◆ **About this exercise**
Please count the lines below that hold the word "origin" and give the count without any other text.

◆ **Records supplied**
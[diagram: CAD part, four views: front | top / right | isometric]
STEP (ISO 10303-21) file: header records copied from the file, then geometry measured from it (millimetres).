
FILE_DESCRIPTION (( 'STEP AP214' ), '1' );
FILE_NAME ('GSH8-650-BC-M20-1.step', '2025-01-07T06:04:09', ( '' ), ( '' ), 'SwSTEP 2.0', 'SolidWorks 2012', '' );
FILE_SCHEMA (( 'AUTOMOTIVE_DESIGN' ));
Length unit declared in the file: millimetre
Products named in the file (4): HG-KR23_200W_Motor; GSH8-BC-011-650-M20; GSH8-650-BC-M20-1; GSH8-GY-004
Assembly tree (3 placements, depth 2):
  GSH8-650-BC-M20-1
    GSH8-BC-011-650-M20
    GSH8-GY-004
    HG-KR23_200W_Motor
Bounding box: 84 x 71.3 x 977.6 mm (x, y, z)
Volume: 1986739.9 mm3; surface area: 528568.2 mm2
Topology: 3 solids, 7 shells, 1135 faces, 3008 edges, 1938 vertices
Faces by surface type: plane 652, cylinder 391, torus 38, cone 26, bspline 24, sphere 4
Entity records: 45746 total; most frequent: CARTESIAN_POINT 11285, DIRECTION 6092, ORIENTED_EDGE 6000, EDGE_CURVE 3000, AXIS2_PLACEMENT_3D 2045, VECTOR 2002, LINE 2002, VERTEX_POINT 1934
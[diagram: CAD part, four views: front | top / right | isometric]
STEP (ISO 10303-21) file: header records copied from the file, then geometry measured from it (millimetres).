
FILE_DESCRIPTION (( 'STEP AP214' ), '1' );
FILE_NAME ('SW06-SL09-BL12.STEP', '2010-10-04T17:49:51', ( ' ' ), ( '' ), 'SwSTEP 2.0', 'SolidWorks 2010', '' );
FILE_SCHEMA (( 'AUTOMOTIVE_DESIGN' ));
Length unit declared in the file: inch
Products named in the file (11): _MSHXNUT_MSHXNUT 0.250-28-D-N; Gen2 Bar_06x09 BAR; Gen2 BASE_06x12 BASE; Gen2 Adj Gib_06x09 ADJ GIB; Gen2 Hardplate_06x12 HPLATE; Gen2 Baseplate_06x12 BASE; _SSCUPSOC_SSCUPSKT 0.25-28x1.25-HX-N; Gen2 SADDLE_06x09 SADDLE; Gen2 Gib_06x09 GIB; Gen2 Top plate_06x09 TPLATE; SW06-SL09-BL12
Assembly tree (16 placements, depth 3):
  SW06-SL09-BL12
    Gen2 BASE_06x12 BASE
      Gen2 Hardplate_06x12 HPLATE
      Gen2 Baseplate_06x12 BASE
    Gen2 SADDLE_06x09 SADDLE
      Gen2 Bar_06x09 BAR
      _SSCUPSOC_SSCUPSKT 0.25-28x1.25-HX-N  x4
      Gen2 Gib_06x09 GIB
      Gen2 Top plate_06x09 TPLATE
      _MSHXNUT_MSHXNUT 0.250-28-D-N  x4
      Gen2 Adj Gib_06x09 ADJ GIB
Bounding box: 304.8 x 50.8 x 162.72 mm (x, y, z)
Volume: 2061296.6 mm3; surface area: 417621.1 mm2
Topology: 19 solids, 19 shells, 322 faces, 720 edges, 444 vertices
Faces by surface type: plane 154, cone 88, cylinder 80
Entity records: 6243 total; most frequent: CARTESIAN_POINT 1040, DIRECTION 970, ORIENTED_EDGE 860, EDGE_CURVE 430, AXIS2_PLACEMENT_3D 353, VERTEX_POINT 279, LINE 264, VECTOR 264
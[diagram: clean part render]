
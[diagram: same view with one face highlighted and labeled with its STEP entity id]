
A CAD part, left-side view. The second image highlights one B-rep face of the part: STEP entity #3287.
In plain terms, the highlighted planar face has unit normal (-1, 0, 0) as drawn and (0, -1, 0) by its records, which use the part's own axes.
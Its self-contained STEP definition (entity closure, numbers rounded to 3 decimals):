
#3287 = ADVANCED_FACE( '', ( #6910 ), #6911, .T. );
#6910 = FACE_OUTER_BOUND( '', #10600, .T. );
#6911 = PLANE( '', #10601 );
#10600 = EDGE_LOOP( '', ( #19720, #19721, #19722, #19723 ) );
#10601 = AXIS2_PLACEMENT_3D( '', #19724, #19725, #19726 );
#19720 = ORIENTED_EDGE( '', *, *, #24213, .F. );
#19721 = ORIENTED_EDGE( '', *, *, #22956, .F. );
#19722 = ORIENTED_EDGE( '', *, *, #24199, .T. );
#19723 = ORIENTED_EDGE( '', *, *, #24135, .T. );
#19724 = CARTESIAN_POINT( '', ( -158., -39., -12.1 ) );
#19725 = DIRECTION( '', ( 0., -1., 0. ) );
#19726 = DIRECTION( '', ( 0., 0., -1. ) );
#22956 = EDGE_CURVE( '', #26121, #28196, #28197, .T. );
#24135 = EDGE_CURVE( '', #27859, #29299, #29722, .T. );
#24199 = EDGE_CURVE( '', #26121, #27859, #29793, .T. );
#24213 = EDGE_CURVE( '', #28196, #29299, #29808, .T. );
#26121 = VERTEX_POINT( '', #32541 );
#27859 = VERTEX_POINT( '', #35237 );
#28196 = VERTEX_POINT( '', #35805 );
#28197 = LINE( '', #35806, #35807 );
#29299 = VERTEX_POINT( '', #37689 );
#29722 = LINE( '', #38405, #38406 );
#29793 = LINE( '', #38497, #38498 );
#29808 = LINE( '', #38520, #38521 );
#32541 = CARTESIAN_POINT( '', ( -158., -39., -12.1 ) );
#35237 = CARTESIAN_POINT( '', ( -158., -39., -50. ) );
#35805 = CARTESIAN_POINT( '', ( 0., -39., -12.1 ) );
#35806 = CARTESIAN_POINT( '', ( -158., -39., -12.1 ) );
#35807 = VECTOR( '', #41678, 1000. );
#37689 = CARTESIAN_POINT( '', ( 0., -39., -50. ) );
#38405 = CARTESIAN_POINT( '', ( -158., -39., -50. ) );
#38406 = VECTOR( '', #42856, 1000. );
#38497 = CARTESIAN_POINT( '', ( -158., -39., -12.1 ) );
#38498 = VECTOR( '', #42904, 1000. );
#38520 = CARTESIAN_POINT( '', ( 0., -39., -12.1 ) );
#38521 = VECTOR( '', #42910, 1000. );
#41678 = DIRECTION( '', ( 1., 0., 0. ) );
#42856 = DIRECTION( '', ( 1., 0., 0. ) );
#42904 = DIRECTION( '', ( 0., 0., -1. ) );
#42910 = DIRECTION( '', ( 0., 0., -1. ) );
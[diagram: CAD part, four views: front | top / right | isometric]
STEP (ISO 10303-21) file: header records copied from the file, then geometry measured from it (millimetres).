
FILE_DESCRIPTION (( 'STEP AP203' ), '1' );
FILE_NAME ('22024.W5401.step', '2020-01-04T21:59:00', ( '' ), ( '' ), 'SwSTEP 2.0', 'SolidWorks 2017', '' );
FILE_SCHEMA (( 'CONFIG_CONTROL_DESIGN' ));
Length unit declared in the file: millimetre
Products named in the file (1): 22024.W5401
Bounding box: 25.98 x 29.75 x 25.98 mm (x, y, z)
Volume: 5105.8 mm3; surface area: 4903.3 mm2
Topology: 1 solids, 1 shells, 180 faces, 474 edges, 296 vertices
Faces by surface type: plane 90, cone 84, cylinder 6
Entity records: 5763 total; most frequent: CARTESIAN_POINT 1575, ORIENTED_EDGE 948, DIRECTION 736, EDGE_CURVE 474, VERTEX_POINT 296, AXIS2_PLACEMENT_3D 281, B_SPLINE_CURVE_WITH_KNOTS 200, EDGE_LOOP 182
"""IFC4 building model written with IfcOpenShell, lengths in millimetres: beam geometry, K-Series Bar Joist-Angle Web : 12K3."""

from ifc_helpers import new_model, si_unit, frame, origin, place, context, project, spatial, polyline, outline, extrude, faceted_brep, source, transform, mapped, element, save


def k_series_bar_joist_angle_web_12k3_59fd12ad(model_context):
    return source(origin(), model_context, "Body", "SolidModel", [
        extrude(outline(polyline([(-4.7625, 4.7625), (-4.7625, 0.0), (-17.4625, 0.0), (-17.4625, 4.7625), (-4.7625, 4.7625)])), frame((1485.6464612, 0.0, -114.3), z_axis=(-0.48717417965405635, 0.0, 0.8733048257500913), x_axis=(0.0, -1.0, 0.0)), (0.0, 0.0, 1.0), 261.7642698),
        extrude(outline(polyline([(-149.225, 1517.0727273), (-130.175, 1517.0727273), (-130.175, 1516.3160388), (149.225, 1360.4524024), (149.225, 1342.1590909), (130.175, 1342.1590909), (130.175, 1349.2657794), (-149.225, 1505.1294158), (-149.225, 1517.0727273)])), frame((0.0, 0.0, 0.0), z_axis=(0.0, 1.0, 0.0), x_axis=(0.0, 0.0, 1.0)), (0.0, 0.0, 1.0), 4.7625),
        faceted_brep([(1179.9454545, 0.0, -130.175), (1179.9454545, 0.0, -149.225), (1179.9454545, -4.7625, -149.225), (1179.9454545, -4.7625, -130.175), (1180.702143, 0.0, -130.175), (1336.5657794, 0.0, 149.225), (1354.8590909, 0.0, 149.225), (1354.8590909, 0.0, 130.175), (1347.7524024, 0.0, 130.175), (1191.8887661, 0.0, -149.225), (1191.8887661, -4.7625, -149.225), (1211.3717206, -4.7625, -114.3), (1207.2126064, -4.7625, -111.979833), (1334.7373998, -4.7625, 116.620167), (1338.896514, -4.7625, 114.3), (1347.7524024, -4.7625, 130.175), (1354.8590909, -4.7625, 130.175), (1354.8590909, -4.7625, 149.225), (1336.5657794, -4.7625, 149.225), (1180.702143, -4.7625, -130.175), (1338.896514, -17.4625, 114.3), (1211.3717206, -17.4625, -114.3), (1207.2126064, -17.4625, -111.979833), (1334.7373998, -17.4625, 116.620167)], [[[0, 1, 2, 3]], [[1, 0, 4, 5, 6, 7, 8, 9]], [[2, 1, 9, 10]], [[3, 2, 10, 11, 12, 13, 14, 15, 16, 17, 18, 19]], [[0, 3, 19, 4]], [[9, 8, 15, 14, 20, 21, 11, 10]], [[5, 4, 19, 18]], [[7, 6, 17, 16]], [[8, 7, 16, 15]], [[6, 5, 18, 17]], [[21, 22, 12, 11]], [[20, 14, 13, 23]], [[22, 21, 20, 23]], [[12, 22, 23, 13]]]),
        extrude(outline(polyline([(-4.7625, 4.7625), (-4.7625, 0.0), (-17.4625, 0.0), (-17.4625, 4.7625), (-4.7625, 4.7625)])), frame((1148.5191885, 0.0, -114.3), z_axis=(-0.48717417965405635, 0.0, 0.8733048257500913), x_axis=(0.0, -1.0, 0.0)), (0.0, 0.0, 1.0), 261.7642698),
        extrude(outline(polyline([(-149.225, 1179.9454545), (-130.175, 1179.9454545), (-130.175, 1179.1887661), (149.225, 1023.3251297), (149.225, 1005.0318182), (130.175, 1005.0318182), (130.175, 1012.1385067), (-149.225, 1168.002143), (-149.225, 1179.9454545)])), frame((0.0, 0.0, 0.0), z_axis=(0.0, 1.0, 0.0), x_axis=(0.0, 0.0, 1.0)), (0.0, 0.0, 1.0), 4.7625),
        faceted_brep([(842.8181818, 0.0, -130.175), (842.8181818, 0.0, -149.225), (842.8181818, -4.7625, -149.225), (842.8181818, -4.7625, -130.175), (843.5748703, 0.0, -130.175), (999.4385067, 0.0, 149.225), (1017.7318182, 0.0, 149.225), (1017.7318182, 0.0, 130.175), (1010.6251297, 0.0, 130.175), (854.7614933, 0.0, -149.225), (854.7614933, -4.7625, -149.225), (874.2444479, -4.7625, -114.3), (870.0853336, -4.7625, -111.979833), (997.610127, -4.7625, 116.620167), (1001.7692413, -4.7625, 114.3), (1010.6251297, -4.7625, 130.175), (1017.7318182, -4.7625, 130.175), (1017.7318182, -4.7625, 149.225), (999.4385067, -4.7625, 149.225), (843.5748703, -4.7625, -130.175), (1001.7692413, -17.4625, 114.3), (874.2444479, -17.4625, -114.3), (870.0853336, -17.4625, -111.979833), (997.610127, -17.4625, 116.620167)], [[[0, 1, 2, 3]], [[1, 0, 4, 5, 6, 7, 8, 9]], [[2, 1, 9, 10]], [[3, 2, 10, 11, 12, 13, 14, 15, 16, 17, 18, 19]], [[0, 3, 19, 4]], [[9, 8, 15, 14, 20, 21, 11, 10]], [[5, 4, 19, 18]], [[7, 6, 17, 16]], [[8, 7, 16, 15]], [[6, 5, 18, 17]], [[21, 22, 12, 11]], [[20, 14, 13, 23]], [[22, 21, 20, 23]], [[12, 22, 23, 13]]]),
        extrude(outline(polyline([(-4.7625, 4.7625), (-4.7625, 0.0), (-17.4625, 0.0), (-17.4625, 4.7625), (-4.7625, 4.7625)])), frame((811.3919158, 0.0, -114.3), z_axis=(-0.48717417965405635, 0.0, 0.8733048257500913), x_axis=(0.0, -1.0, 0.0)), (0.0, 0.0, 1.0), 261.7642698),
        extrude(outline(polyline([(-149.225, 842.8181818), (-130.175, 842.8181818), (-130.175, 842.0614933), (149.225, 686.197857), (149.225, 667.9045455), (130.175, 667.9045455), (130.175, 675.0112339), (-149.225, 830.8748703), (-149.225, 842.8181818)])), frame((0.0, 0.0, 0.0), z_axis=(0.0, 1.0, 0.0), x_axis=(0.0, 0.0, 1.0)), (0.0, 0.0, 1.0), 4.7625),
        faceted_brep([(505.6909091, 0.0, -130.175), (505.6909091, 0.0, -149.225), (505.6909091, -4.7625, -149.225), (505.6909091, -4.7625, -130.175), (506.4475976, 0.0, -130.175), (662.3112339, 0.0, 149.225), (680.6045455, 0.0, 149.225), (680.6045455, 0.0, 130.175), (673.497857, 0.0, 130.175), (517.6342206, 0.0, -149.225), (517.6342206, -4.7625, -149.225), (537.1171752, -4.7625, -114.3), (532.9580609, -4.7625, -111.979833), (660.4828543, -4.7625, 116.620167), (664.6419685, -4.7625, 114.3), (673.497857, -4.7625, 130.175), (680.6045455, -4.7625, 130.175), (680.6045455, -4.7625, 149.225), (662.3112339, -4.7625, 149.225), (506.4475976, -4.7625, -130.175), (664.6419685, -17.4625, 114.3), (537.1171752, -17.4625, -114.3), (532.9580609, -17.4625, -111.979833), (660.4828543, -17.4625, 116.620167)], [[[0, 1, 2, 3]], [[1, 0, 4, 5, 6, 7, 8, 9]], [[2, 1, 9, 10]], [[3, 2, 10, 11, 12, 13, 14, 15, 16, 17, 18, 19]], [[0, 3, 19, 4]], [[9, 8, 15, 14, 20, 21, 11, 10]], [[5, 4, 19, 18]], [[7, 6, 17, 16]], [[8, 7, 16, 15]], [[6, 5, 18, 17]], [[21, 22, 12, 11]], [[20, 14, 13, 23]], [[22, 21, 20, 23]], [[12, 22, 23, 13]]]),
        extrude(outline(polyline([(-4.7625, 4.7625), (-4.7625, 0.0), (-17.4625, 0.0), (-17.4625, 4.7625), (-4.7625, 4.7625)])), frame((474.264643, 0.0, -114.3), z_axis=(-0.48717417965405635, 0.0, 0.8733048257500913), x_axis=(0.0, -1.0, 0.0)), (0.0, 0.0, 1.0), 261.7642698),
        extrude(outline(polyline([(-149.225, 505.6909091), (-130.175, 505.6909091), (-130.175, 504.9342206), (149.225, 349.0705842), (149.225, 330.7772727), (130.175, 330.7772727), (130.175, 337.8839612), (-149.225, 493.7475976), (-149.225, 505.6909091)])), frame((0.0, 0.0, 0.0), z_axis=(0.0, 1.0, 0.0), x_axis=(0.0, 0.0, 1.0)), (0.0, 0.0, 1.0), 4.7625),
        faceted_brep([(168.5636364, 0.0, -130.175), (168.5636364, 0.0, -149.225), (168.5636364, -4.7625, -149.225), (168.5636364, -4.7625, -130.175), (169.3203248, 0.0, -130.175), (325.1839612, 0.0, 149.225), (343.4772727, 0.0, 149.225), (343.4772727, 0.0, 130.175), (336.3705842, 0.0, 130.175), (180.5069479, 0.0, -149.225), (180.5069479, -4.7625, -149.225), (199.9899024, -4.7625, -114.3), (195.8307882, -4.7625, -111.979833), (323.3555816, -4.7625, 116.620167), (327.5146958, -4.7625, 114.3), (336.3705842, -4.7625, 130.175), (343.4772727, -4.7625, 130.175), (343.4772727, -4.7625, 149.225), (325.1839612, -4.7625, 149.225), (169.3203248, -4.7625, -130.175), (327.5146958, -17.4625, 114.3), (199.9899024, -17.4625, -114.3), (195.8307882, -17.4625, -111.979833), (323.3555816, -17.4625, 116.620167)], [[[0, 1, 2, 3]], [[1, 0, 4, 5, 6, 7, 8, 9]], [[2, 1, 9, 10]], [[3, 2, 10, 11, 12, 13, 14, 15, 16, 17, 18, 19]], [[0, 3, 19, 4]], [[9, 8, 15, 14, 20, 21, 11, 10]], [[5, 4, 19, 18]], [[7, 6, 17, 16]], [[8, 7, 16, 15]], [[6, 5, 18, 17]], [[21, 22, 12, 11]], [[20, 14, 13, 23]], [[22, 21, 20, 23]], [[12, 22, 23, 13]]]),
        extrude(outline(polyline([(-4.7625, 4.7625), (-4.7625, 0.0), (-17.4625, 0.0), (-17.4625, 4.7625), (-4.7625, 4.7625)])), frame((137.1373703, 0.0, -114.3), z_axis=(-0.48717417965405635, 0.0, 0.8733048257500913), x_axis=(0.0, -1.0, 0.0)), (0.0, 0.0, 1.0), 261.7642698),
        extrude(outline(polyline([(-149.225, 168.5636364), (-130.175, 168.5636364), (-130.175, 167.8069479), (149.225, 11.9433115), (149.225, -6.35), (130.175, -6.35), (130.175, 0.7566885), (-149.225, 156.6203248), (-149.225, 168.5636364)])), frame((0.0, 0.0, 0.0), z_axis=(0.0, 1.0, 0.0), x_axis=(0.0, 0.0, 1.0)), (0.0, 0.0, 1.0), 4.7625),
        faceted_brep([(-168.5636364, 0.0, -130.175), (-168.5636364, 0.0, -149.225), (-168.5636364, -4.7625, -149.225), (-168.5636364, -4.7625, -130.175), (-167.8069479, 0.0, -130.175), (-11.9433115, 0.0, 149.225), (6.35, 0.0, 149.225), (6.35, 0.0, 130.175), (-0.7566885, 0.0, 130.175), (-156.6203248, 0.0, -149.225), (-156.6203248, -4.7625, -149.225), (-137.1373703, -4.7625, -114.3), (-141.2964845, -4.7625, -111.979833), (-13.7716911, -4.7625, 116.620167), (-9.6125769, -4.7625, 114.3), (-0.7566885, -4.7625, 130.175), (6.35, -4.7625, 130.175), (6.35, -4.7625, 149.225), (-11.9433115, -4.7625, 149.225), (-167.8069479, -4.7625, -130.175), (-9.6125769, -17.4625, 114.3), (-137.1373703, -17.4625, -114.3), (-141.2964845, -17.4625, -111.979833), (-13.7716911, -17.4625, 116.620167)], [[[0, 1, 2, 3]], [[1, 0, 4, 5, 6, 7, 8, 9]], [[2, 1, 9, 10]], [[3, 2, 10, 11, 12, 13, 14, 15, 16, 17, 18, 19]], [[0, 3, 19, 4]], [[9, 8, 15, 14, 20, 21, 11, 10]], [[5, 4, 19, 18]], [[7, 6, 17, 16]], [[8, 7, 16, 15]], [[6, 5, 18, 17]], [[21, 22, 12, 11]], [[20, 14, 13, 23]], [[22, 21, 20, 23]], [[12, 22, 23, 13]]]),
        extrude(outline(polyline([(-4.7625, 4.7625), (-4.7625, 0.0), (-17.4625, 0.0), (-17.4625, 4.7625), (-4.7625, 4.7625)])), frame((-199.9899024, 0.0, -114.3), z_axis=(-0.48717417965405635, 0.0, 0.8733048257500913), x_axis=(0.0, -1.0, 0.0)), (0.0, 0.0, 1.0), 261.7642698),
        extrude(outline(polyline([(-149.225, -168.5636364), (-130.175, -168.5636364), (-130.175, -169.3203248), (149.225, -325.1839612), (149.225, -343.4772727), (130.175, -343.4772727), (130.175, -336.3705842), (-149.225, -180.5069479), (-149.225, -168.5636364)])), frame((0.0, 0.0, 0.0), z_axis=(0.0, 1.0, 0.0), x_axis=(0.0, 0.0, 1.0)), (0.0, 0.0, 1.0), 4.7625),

◆ **Reply**
2